Я повернул торчащий в замке зажигания ключ, и двигатель отозвался знакомым урчанием.

– Ну, чего ты ждешь? – крикнул я Адал. – Поехали!

Она замотала головой, попятилась.

– Я не могу!

– Что значит «не могу»? Ты что, остаешься? Без тебя я никуда не поеду!

– Ты должен. Если ты останешься – погибнешь. Но я с тобой поехать не могу.

– Но почему? Что тебя здесь держит?

Она быстро взглянула на Петровича и опустила голову.

– Он не знает, да? – сказал тот. – Ты не рассказала ему!

– Я не смогла!

– Не рассказала что? – Я заглушил двигатель, выбрался из машины. – Что еще вы от меня скрываете?

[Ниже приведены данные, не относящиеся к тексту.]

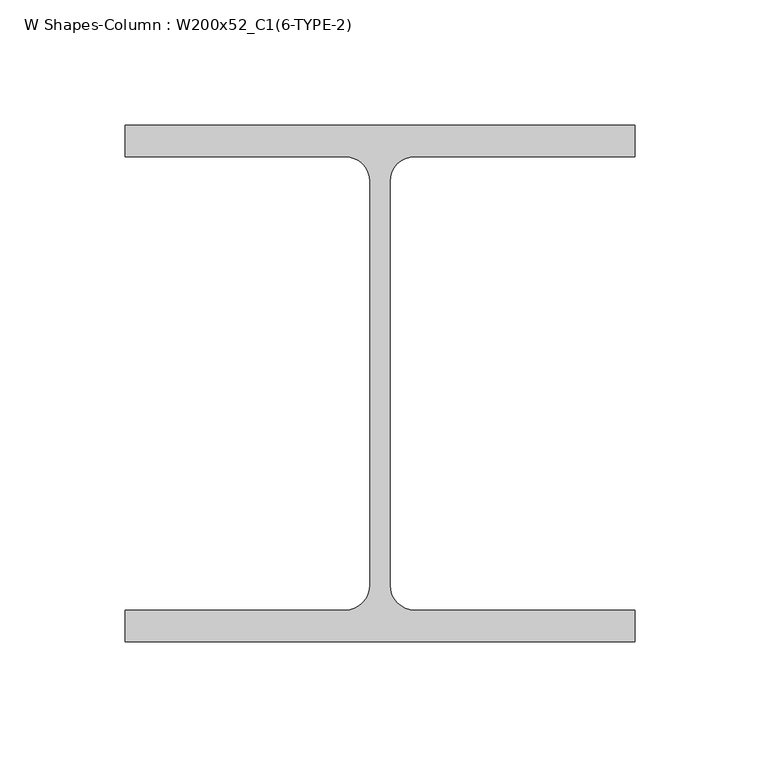
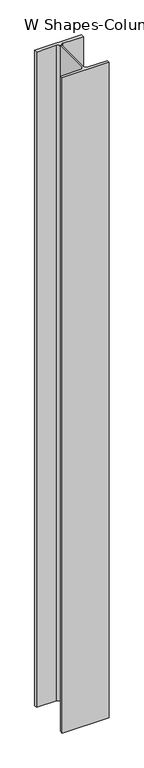
"""IFC4 building model written with IfcOpenShell, lengths in millimetres: column geometry, W Shapes-Column : W200x52_C1(6-TYPE-2)."""

from ifc_helpers import new_model, si_unit, point, frame, frame_2d, origin, place, context, project, spatial, polyline, circle_curve, trimmed, segment, composite_curve, outline, extrude, source, transform, mapped, element, save


def w_shapes_column_w200x52_c1_6_type_2_b3dfbed1(model_context):
    return source(origin(), model_context, "Body", "SweptSolid", [
        extrude(outline(composite_curve([segment(polyline([(101.854, 103.124), (101.854, 90.551), (13.9446, 90.551)]), True, "CONTINUOUS"), segment(trimmed(circle_curve(frame_2d((13.9446, 80.5434)), 10.0076), [point((13.9446, 90.551))], [point((3.937, 80.5434))], True, "CARTESIAN"), True, "CONTINUOUS"), segment(polyline([(3.937, 80.5434), (3.937, -80.5434)]), True, "CONTINUOUS"), segment(trimmed(circle_curve(frame_2d((13.9446, -80.5434)), 10.0076), [point((3.937, -80.5434))], [point((13.9446, -90.551))], True, "CARTESIAN"), True, "CONTINUOUS"), segment(polyline([(13.9446, -90.551), (101.854, -90.551), (101.854, -103.124), (-101.854, -103.124), (-101.854, -90.551), (-13.9446, -90.551)]), True, "CONTINUOUS"), segment(trimmed(circle_curve(frame_2d((-13.9446, -80.5434)), 10.0076), [point((-13.9446, -90.551))], [point((-3.937, -80.5434))], True, "CARTESIAN"), True, "CONTINUOUS"), segment(polyline([(-3.937, -80.5434), (-3.937, 80.5434)]), True, "CONTINUOUS"), segment(trimmed(circle_curve(frame_2d((-13.9446, 80.5434)), 10.0076), [point((-3.937, 80.5434))], [point((-13.9446, 90.551))], True, "CARTESIAN"), True, "CONTINUOUS"), segment(polyline([(-13.9446, 90.551), (-101.854, 90.551), (-101.854, 103.124), (101.854, 103.124)]), True, "CONTINUOUS")], self_intersect=False)), frame((0.0, 0.0, 6240.0), z_axis=(0.0, 0.0, 1.0), x_axis=(1.0, 0.0, 0.0)), (0.0, 0.0, 1.0), 3000.0),
    ])


if __name__ == "__main__":
    model = new_model("IFC4")
    model_context = context("Model", 3, world=origin())
    ifc_project = project(units=[si_unit("LENGTHUNIT", "METRE", prefix="MILLI")], contexts=[model_context])
    site = spatial("IfcSite", under=ifc_project)
    building = spatial("IfcBuilding", under=site)
    placement = place(None, origin())
    w_shapes_column_w200x52_c1_6_type_2_shape = w_shapes_column_w200x52_c1_6_type_2_b3dfbed1(model_context)
    element("IfcColumn", 1, ObjectType="W Shapes-Column : W200x52_C1(6-TYPE-2)", at=placement, inside=building, context=model_context, shape_type="MappedRepresentation", body=[
        mapped(w_shapes_column_w200x52_c1_6_type_2_shape, transform((0.0, 0.0, 0.0), x_axis=(1.0, 0.0, 0.0), y_axis=(0.0, 1.0, 0.0), z_axis=(0.0, 0.0, 1.0))),
    ])
    save(model, "model.ifc")

# Revit data of these elements
# Type "W Shapes-Column : W200x52_C1(6-TYPE-2)"
#   Section Name Key = "W8X35"
#   Assembly Code = "B10"
#   Width = 20.3708 cm
#   Web Thickness = 0.7874 cm
#   Web Fillet = 1.0008 cm
#   Warping Constant = 166223.7 cm⁶
#   Torsional Moment of Inertia = 32.0082 cm⁴
#   Section Area = 66.4515 cm²
#   Plastic Modulus weak axis = 263.832 cm³
#   Plastic Modulus strong axis = 568.631 cm³
#   Perimeter = 1.1936 m²/m
#   Nominal Weight = 52.0857 kgf/m
#   Moment of Inertia weak axis = 1773.15 cm⁴
#   Moment of Inertia strong axis = 5286.14 cm⁴
#   Height = 20.6248 cm
#   Flange Thickness = 1.2573 cm
#   Elastic Modulus weak axis = 173.703 cm³
#   Elastic Modulus strong axis = 511.276 cm³
#   Clear Web Height = 14.605 cm
#   Centroid Vertical = 10.3124 cm
#   Centroid Horizontal = 10.1854 cm
#   Bolt Spacing = 13.97 cm
#   Structural Material [instance default] = Steel ASTM A992
#   Principal Axes Angle = 0
# Element 1 (IfcColumn, "W Shapes-Column : W200x52_C1(6-TYPE-2)")
#   Structural Material = none
# Materials
#   "Steel ASTM A992": class "Metal", colour RGB 199 199 199, transparency 0, Description = "Structural steel 50ksi", Cost = 0

– Олег, ты просто многого обо мне не знаешь… – В ее больших голубых глазах появились растерянность и испуг.

– Так расскажи. Я весь внимание!

– Сейчас нет времени. Если действие вещества закончится…

Бесполезная увертка!

– Или рассказывай, или поехали! Я не двинусь с места, пока не узнаю правду!

– Бывает такая правда, что уж лучше и не знать. – По щекам ее побежали мокрые дорожки.

– И все же я предпочитаю ее услышать!

– Что ты хочешь от меня услышать? – в отчаянии вскричала Адал. – То, что создал и меня?

– Ой, только не говори, что ты тоже… – усмехнулся я. И вдруг ужасная догадка мелькнула в голове. Я даже побоялся произнести это вслух – слова застряли у меня в горле. Но Адал закончила за меня:

– Да, и я тоже!

– Нет! – Я мотнул головой. – Не может быть!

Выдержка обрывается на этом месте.